Appellants' attempt to show that the decision in the Salt Dome case turns on the difference between a legal and an equitable remedy therefore fails. The basic reasoning of the decision and its conclusion are unaffected by the changes in remedy embodied in the 1943 amendments.

Appellants make a subsidiary contention that in any event the Salt Dome opinion does not apply to equitable stockholders in cases of short mergers under Section 253. They point to some language in the opinion to the effect that in a merger it is especially important that the corporation and their stockholders know who the objecting stockholders are so that the amount of money to be paid to them may be provided. Under Section 253, say appellants, the corporation already has the knowledge of the greatest possible extent of dissent; therefore, they *241 say, the reasoning of Salt Dome is inapplicable to the instant case.

Once again, appellants have seized upon an incidental point in the development of the reasoning in the Salt Dome case, and ignore the basic holding. As above stated, the essential point decided is that "stockholder" as used in Section 59 (now Section 251) and Section 61 (now Section 262) means stockholder of record.
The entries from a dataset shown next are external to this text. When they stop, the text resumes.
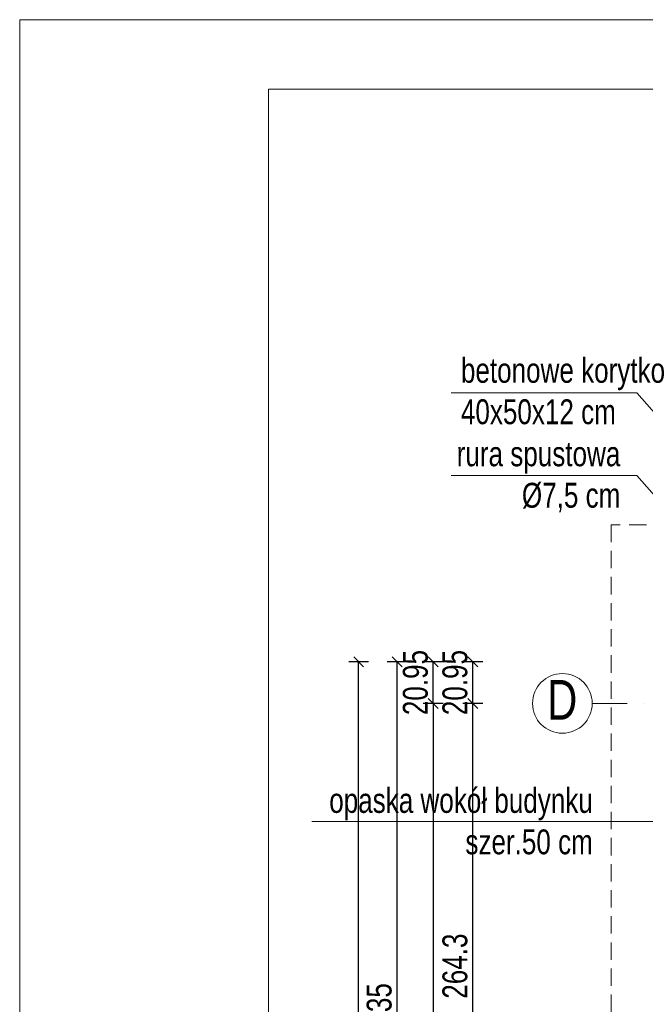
# Model space of a CAD drawing. Header units: inches. Extents: x 53216 to 117387, y -66787 to -22834.
# Tile 228 of 256: x 53216 to 53530, y -24121 to -23626. Entities that reach past the tile are written whole.
import ezdxf

# ---------------------------------------------------------------- set-up
doc = ezdxf.new("R2010")
doc.units = ezdxf.units.IN
doc.header["$MEASUREMENT"] = 0
doc.linetypes.add('DASHDOT', pattern=[1, 0.5, -0.25, 0, -0.25])
doc.linetypes.add('HIDDEN', pattern=[0.375, 0.25, -0.125])
doc.layers.get('0').update_dxf_attribs({"lineweight": 0})
doc.layers.get('Defpoints').update_dxf_attribs({"lineweight": 0})
for name, color, linetype, lineweight in [('A--tabelka rysunku', 7, 'Continuous', 0), ('p--dach', 2, 'Continuous', 30), ('p--opisy dodatkowe', 62, 'Continuous', 0), ('p--osie konstr.-NR', 1, 'DASHDOT', 15), ('p--wymiary-1-50', 5, 'Continuous', 0)]:
    doc.layers.add(name, color=color, linetype=linetype, lineweight=lineweight)
doc.styles.add('1-50', font='arial.ttf', dxfattribs={"width": 0.75, "height": 12.5})
doc.styles.get("Standard").update_dxf_attribs({"font": 'arial.ttf', "width": 0.75})
doc.dimstyles.new('1-50', dxfattribs={"dimtxt": 12.5, "dimasz": 5, "dimexe": 5, "dimexo": 5, "dimgap": 0.09, "dimtad": 0, "dimdsep": 46, "dimtxsty": '1-50', "dimblk": 'OBLIQUE', "dimcen": 0.09, "dimadec": 0, "dimazin": 0, "dimtfac": 1, "dimtdec": 4, "dimtix": 1, "dimtmove": 2, "dimatfit": 3, "dimldrblk": 'OBLIQUE', "dimfxl": 5, "dimfxlon": 1, "dimtvp": 0.7, "dimtolj": 1, "dimtzin": 0, "dimarcsym": 0})

# ---------------------------------------------------------------- blocks, each defined once
blk = doc.blocks.new('_OBLIQUE')
at = {"color": 0, "linetype": 'ByBlock', "lineweight": -2}
for p, q in [((-0.5, -0.5), (0.5, 0.5)), ((0, 0), (0, 0))]:
    blk.add_line(p, q, dxfattribs=at)
blk = doc.blocks.new('*D2802')
at = {"layer": 'Defpoints', "color": 0}
for p in [(53443.67, -23969.47), (53528.69, -23969.47), (53508.79, -24233.77)]:
    blk.add_point(p, dxfattribs=at)
at = {"layer": 'p--wymiary-1-50', "color": 0, "lineweight": -2}
for p, q in [((53448.67, -23969.47), (53438.67, -23969.47)), ((53443.67, -24233.77), (53443.67, -23969.47)), ((53448.67, -24233.77), (53438.67, -24233.77))]:
    blk.add_line(p, q, dxfattribs=at)
at = {"layer": 'p--wymiary-1-50', "color": 0, "lineweight": -2, "xscale": 5, "yscale": 5, "zscale": 5}
for p, rotation in [((53443.67, -23969.47), 90), ((53443.67, -24233.77), 270)]:
    blk.add_blockref('_OBLIQUE', p, dxfattribs=dict(at, rotation=rotation))
at = {"layer": 'p--wymiary-1-50', "color": 0, "linetype": 'Continuous', "ltscale": 8, "insert": (53434.74, -24101.62), "char_height": 12.5, "attachment_point": 5, "rotation": 90, "style": '1-50'}
blk.add_mtext('\\A1;264.3', dxfattribs=at)
blk = doc.blocks.new('*D2803')
at = {"layer": 'Defpoints', "color": 0}
for p in [(53552.08, -23969.47), (53423.79, -24508.07), (53552.08, -24508.07)]:
    blk.add_point(p, dxfattribs=at)
at = {"layer": 'p--wymiary-1-50', "color": 0, "lineweight": -2}
for p, q in [((53428.79, -23969.47), (53418.79, -23969.47)), ((53423.79, -23969.47), (53423.79, -24508.07)), ((53428.79, -24508.07), (53418.79, -24508.07))]:
    blk.add_line(p, q, dxfattribs=at)
at = {"layer": 'p--wymiary-1-50', "color": 0, "lineweight": -2, "xscale": 5, "yscale": 5, "zscale": 5}
for p, rotation in [((53423.79, -23969.47), 90), ((53423.79, -24508.07), 270)]:
    blk.add_blockref('_OBLIQUE', p, dxfattribs=dict(at, rotation=rotation))
at = {"layer": 'p--wymiary-1-50', "color": 0, "linetype": 'Continuous', "ltscale": 8, "insert": (53414.85, -24238.77), "char_height": 12.5, "attachment_point": 5, "rotation": 90, "style": '1-50'}
blk.add_mtext('\\A1;538.6', dxfattribs=at)
blk = doc.blocks.new('*D2804')
at = {"layer": 'Defpoints', "color": 0}
for p in [(53386.29, -23948.52), (53563.72, -23948.52), (53563.72, -24529.02)]:
    blk.add_point(p, dxfattribs=at)
at = {"layer": 'p--wymiary-1-50', "color": 0, "lineweight": -2}
for p, q in [((53391.29, -23948.52), (53381.29, -23948.52)), ((53386.29, -24529.02), (53386.29, -23948.52)), ((53391.29, -24529.02), (53381.29, -24529.02))]:
    blk.add_line(p, q, dxfattribs=at)
at = {"layer": 'p--wymiary-1-50', "color": 0, "lineweight": -2, "xscale": 5, "yscale": 5, "zscale": 5}
for p, rotation in [((53386.29, -23948.52), 90), ((53386.29, -24529.02), 270)]:
    blk.add_blockref('_OBLIQUE', p, dxfattribs=dict(at, rotation=rotation))
at = {"layer": 'p--wymiary-1-50', "color": 0, "linetype": 'Continuous', "ltscale": 8, "insert": (53377.35, -24238.77), "char_height": 12.5, "attachment_point": 5, "rotation": 90, "style": '1-50'}
blk.add_mtext('\\A1;580.5', dxfattribs=at)
blk = doc.blocks.new('*D2807')
at = {"layer": 'Defpoints', "color": 0}
for p in [(53443.67, -23948.52), (53465.92, -23948.52), (53465.92, -23969.47)]:
    blk.add_point(p, dxfattribs=at)
at = {"layer": 'p--wymiary-1-50', "color": 0, "lineweight": -2}
for p, q in [((53448.67, -23948.52), (53438.67, -23948.52)), ((53443.67, -23969.47), (53443.67, -23948.52)), ((53448.67, -23969.47), (53438.67, -23969.47))]:
    blk.add_line(p, q, dxfattribs=at)
at = {"layer": 'p--wymiary-1-50', "color": 0, "lineweight": -2, "xscale": 5, "yscale": 5, "zscale": 5}
for p, rotation in [((53443.67, -23948.52), 270), ((53443.67, -23969.47), 90)]:
    blk.add_blockref('_OBLIQUE', p, dxfattribs=dict(at, rotation=rotation))
at = {"layer": 'p--wymiary-1-50', "color": 0, "linetype": 'Continuous', "ltscale": 8, "insert": (53434.74, -23959), "char_height": 12.5, "attachment_point": 5, "rotation": 90, "style": '1-50'}
blk.add_mtext('\\A1;20.95', dxfattribs=at)
blk = doc.blocks.new('*D2808')
at = {"layer": 'Defpoints', "color": 0}
for p in [(53423.79, -23948.52), (53446.03, -23948.52), (53446.03, -23969.47)]:
    blk.add_point(p, dxfattribs=at)
at = {"layer": 'p--wymiary-1-50', "color": 0, "lineweight": -2}
for p, q in [((53428.79, -23948.52), (53418.79, -23948.52)), ((53423.79, -23969.47), (53423.79, -23948.52)), ((53428.79, -23969.47), (53418.79, -23969.47))]:
    blk.add_line(p, q, dxfattribs=at)
at = {"layer": 'p--wymiary-1-50', "color": 0, "lineweight": -2, "xscale": 5, "yscale": 5, "zscale": 5}
for p, rotation in [((53423.79, -23948.52), 270), ((53423.79, -23969.47), 90)]:
    blk.add_blockref('_OBLIQUE', p, dxfattribs=dict(at, rotation=rotation))
at = {"layer": 'p--wymiary-1-50', "color": 0, "linetype": 'Continuous', "ltscale": 8, "insert": (53414.85, -23959), "char_height": 12.5, "attachment_point": 5, "rotation": 90, "style": '1-50'}
blk.add_mtext('\\A1;20.95', dxfattribs=at)
blk = doc.blocks.new('*D2811')
at = {"layer": 'Defpoints', "color": 0}
for p in [(53405.59, -23948.52), (53417.36, -23948.52), (53417.36, -24311.87)]:
    blk.add_point(p, dxfattribs=at)
at = {"layer": 'p--wymiary-1-50', "color": 0, "lineweight": -2}
for p, q in [((53410.59, -23948.52), (53400.59, -23948.52)), ((53405.59, -24311.87), (53405.59, -23948.52)), ((53410.59, -24311.87), (53400.59, -24311.87))]:
    blk.add_line(p, q, dxfattribs=at)
at = {"layer": 'p--wymiary-1-50', "color": 0, "lineweight": -2, "xscale": 5, "yscale": 5, "zscale": 5}
for p, rotation in [((53405.59, -23948.52), 90), ((53405.59, -24311.87), 270)]:
    blk.add_blockref('_OBLIQUE', p, dxfattribs=dict(at, rotation=rotation))
at = {"layer": 'p--wymiary-1-50', "color": 0, "linetype": 'Continuous', "ltscale": 8, "insert": (53396.66, -24130.2), "char_height": 12.5, "attachment_point": 5, "rotation": 90, "style": '1-50'}
blk.add_mtext('\\A1;363.35', dxfattribs=at)

msp = doc.modelspace()

# ---------------------------------------------------------------- linework, layer by layer
at = {"layer": 'A--tabelka rysunku', "linetype": 'Continuous'}
for points in [[(53215.894, -25110.629), (55315.894, -25110.629), (55315.894, -23625.629), (53215.894, -23625.629)], [(53215.894, -25110.629), (55315.894, -25110.629), (55315.894, -23625.629), (53215.894, -23625.629)], [(53340.894, -25075.629), (55280.894, -25075.629), (55280.894, -23660.629), (53340.894, -23660.629)]]:
    msp.add_lwpolyline(points, close=True, dxfattribs=at)
at = {"layer": 'A--tabelka rysunku', "color": 1, "linetype": 'Continuous'}
msp.add_lwpolyline([(53215.894, -25110.629), (55315.894, -25110.629), (55315.894, -23625.629), (53215.894, -23625.629)], close=True, dxfattribs=at)
at = {"layer": 'p--dach', "color": 6, "linetype": 'HIDDEN', "lineweight": 20, "ltscale": 35}
msp.add_lwpolyline([(53513.225, -24597.883), (54633.445, -24597.883), (54633.445, -23879.663), (53513.225, -23879.663)], close=True, dxfattribs=at)
at = {"layer": 'p--opisy dodatkowe'}
msp.add_line((53362.758, -24028.82), (53544.681, -24028.82), dxfattribs=at)
for points in [[(53432.872, -23813.327), (53526.095, -23813.327), (53604.335, -23902.028)], [(53432.872, -23854.821), (53526.095, -23854.821), (53604.335, -23943.523)]]:
    msp.add_lwpolyline(points, dxfattribs=at)
at = {"layer": 'p--osie konstr.-NR', "linetype": 'DASHDOT', "ltscale": 35}
msp.add_line((53503.691, -23969.473), (53553.691, -23969.473), dxfattribs=at)
at = {"layer": 'p--osie konstr.-NR', "linetype": 'Continuous', "ltscale": 35}
msp.add_circle((53488.691, -23969.473), 15, dxfattribs=at)

# ---------------------------------------------------------------- texts
at = {"layer": 'p--opisy dodatkowe', "char_height": 12.5, "width": 177.1707, "style": '1-50'}
for s, insert, attachment_point in [('betonowe korytko\\P40x50x12 cm', (53437.695, -23795.719), 1), ('rura spustowa\\P%%c7,5 cm', (53517.842, -23873.373), 9), ('opaska wokół budynku\\Pszer.50 cm', (53504.002, -24012.037), 3)]:
    msp.add_mtext(s, dxfattribs=dict(at, insert=insert, attachment_point=attachment_point))
at = {"layer": 'p--osie konstr.-NR', "linetype": 'Continuous', "ltscale": 35, "insert": (53496.197, -23957.676), "char_height": 20, "width": 63.5564, "attachment_point": 3}
msp.add_mtext('D', dxfattribs=at)

# ---------------------------------------------------------------- dimensions: what is measured, and where the dimension line sits
at = {"layer": 'p--wymiary-1-50'}
for base, p1, p2, picture, middle in [((53423.786, -23948.523), (53446.033, -23969.473), (53446.033, -23948.523), '*D2808', (53414.852, -23958.998)), ((53443.669, -23948.523), (53465.916, -23969.473), (53465.916, -23948.523), '*D2807', (53434.735, -23958.998)), ((53386.287, -23948.523), (53563.723, -24529.023), (53563.723, -23948.523), '*D2804', (53377.353, -24238.773)), ((53405.594, -23948.523), (53417.363, -24311.873), (53417.363, -23948.523), '*D2811', (53396.66, -24130.198)), ((53423.786, -24508.073), (53552.085, -23969.473), (53552.085, -24508.073), '*D2803', (53414.852, -24238.773)), ((53443.669, -23969.473), (53508.786, -24233.773), (53528.691, -23969.473), '*D2802', (53434.735, -24101.623))]:
    dim = msp.add_linear_dim(base=base, p1=p1, p2=p2, angle=90, dimstyle='1-50', dxfattribs=at)
    dim.commit()
    dim.dimension.update_dxf_attribs({"geometry": picture, "text_midpoint": middle})

doc.saveas('drawing.dxf')
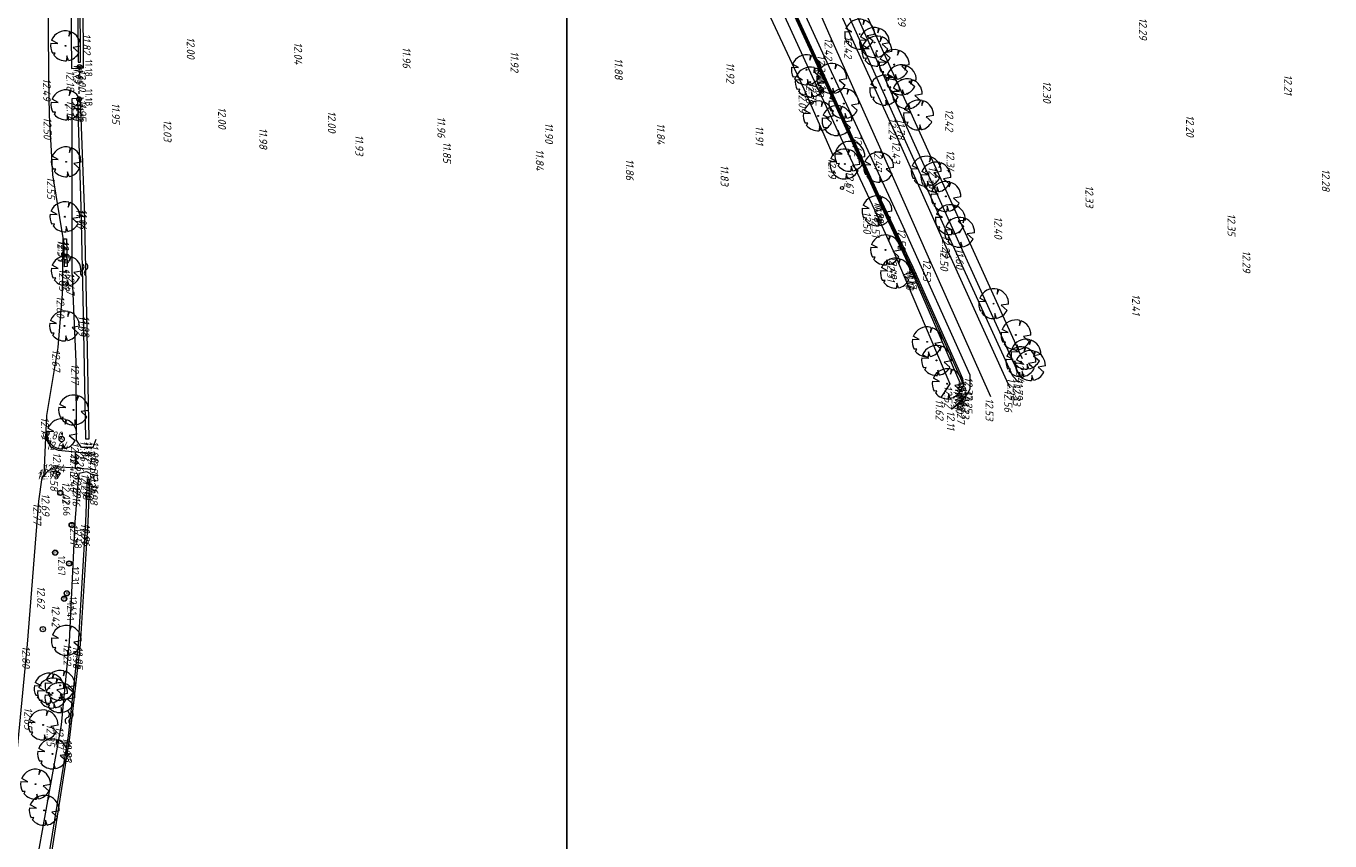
# Model space of a CAD drawing. Header units: metres. Extents: x 232614 to 233692, y 552964 to 554400.
# Tile 17 of 26: x 233434 to 233681, y 553676 to 553830. Entities that reach past the tile are written whole.
import ezdxf
from ezdxf.enums import TextEntityAlignment as Align

# ---------------------------------------------------------------- set-up
doc = ezdxf.new("R2010")
doc.units = ezdxf.units.M
doc.linetypes.add('NLCS-HIDDEN', pattern=[4, 2, -2])
doc.layers.get('Defpoints').update_dxf_attribs({"color": 241})
for name, color, linetype, lineweight, true_color in [('B-XX-AL-Hoogtecijfer-T', 7, 'Continuous', 18, 0xb8807a), ('Duikerhoogte BOB', 7, 'Continuous', 18, 0x0059b3), ('Q26_Boom', 7, 'Continuous', 13, 0x165700), ('Q69_Duiker', 7, 'NLCS-HIDDEN', 13, 0x0059b3), ('Rioolputhoogte', 7, 'Continuous', 13, 0xb8807a), ('T09_Insteek_sloot', 7, 'Continuous', 13, 0x164c00)]:
    doc.layers.add(name, color=color, linetype=linetype, lineweight=lineweight, true_color=true_color)
for name, color, linetype, lineweight in [('Hoogtecijfer-T-UIT', 2, 'Continuous', 18), ('Q28_Rioolput', 251, 'Continuous', 13), ('Q37_Peilbuis', 251, 'Continuous', 13), ('Q67_Brandkraan', 251, 'Continuous', 13), ('Q77_Afsl_water', 251, 'Continuous', 13), ('S05_Water', 144, 'Continuous', 13), ('T06_Houtwal', 42, 'Continuous', 13), ('T07_Greppel', 144, 'Continuous', 13), ('V01_Kantgeslverh', 251, 'Continuous', 13), ('V02_Kantopenverh', 251, 'Continuous', 13), ('V03_Kanttegelverh', 251, 'Continuous', 13), ('V05_Kanthalfverh', 251, 'Continuous', 13), ('W11_Waterlijn', 142, 'Continuous', 13)]:
    doc.layers.add(name, color=color, linetype=linetype, lineweight=lineweight)
doc.styles.add('ISO', font='NLCS-ISO.ttf')
doc.styles.add('NLCS-ISO', font='NLCS-ISO.ttf', dxfattribs={"height": 1.8})
doc.styles.get("Standard").update_dxf_attribs({"font": 'arial.ttf'})

# ---------------------------------------------------------------- blocks, each defined once
blk = doc.blocks.new('Q67_BRANDKRAAN_PUT')
at = {"color": 0}
blk.add_circle((0, 0), 0.5, dxfattribs=at)
blk.add_text('B', height=0.5, dxfattribs=at).set_placement((0, 0), align=Align.MIDDLE_CENTER)
blk = doc.blocks.new('Q77_AFSL_WATER')
at = {"color": 0}
blk.add_circle((0, 0), 0.5, dxfattribs=at)
blk.add_text('W', height=0.5, dxfattribs=at).set_placement((0, 0), align=Align.MIDDLE_CENTER)
blk = doc.blocks.new('M02_GRONDSLAGPUNT')
blk.add_circle((0, 0), 0.5)
blk.add_attdef('1', (0.69, 0.6), '', height=1.3)
blk = doc.blocks.new('Q37_PEILBUIS')
at = {"color": 0}
blk.add_circle((0, 0), 0.3, dxfattribs=at)
blk.add_text('pb', height=0.7, dxfattribs=at).set_placement((0.305312, 0.33528))
blk = doc.blocks.new('Q69_DUIKER_OPENING')
at = {"color": 0}
for p, q in [((-0.2, 0.34), (0, 0)), ((-0.2, -0.35), (0, 0)), ((0, 0), (0.52, 0)), ((1, 0), (1.5, 0)), ((1.9, 0), (2.3, 0))]:
    blk.add_line(p, q, dxfattribs=at)
blk = doc.blocks.new('Q28_RIOOLPUT')
at = {"color": 0}
blk.add_circle((0, 0), 0.5, dxfattribs=at)
blk.add_text('R', height=0.5, dxfattribs=at).set_placement((0.057, -0.008), align=Align.MIDDLE_CENTER)
blk = doc.blocks.new('Q26_BOOM')
at = {"flags": 128}
for points in [[(0.72, 2.74), (0.64, 1.8), (0.97, 2.66)], [(-2.79, 0.5), (-1.48, 0.44), (-2.63, 1.05)], [(-2.19, -1.79), (-1.97, -1.36), (-2.47, -1.39)], [(0.56, -2.78), (0.24, -1.87), (0.2, -2.82)], [(2.83, -0.07), (1.44, -0.31), (2.53, -1.28)]]:
    blk.add_lwpolyline(points, dxfattribs=at)
blk.add_lwpolyline([(2.83, -0.07, 0.321944), (0.97, 2.66, 0.321944)], format="xyb", dxfattribs=at)
blk.add_circle((0, 0), 0.0844)
for start, end in [(75.1844, 158.299), (169.749, 209.4302), (219.2667, 274.1068), (281.3601, 333.2046)]:
    blk.add_arc((0, 0), 2.83, start, end)
blk = doc.blocks.new('S05')
for centre, start, end in [((-0.6, 0.04), 28.0726, 151.9276), ((0.6, 0.68), 208.0726, 331.9276), ((-0.6, -0.68), 28.0726, 151.9276), ((0.6, -0.04), 208.0726, 331.9276)]:
    blk.add_arc(centre, 0.68, start, end)

msp = doc.modelspace()

# ---------------------------------------------------------------- linework, layer by layer
at = {"layer": 'Defpoints'}
msp.add_lwpolyline([(232867.83, 554400.49), (233536.33, 554400.49), (233536.33, 552964.49), (232867.83, 552964.49)], close=True, dxfattribs=at)
at = {"layer": 'T06_Houtwal'}
msp.add_lwpolyline([(233586.74, 553805.33), (233581.21, 553818.01), (233572.66, 553836.36), (233563.08, 553857.72), (233549.77, 553886.55), (233542.08, 553903.76), (233531.77, 553926.91), (233524.3, 553943.73), (233516.14, 553962.58), (233515.89, 553964.01), (233516.93, 553964.92), (233517.96, 553965.13)], dxfattribs=at)
at = {"layer": 'T07_Greppel'}
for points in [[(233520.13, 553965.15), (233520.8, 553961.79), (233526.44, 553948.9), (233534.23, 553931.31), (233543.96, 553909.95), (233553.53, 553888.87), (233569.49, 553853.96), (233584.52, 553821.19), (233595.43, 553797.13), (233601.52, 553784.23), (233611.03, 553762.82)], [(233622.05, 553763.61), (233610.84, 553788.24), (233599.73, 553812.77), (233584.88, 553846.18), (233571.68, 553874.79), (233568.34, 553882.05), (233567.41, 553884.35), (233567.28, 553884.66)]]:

This holding, we repeat, is unaffected by the 1943 amendments.

Moreover, we cannot understand appellants' emphasis on special circumstances attending short mergers. Appellants seem to suggest that even if "stockholder" in Sections 251 and 262 means stockholder of record only, yet in Section 253 it means both registered and unregistered stockholders. Such a result is wholly unreasonable. Obviously, the word is used in the same sense in all three sections.

Appellants' contention in this case has the merit of ingenuity; but we find no substance in it. The Salt Dome decision applies.

The order of the Court of Chancery is affirmed.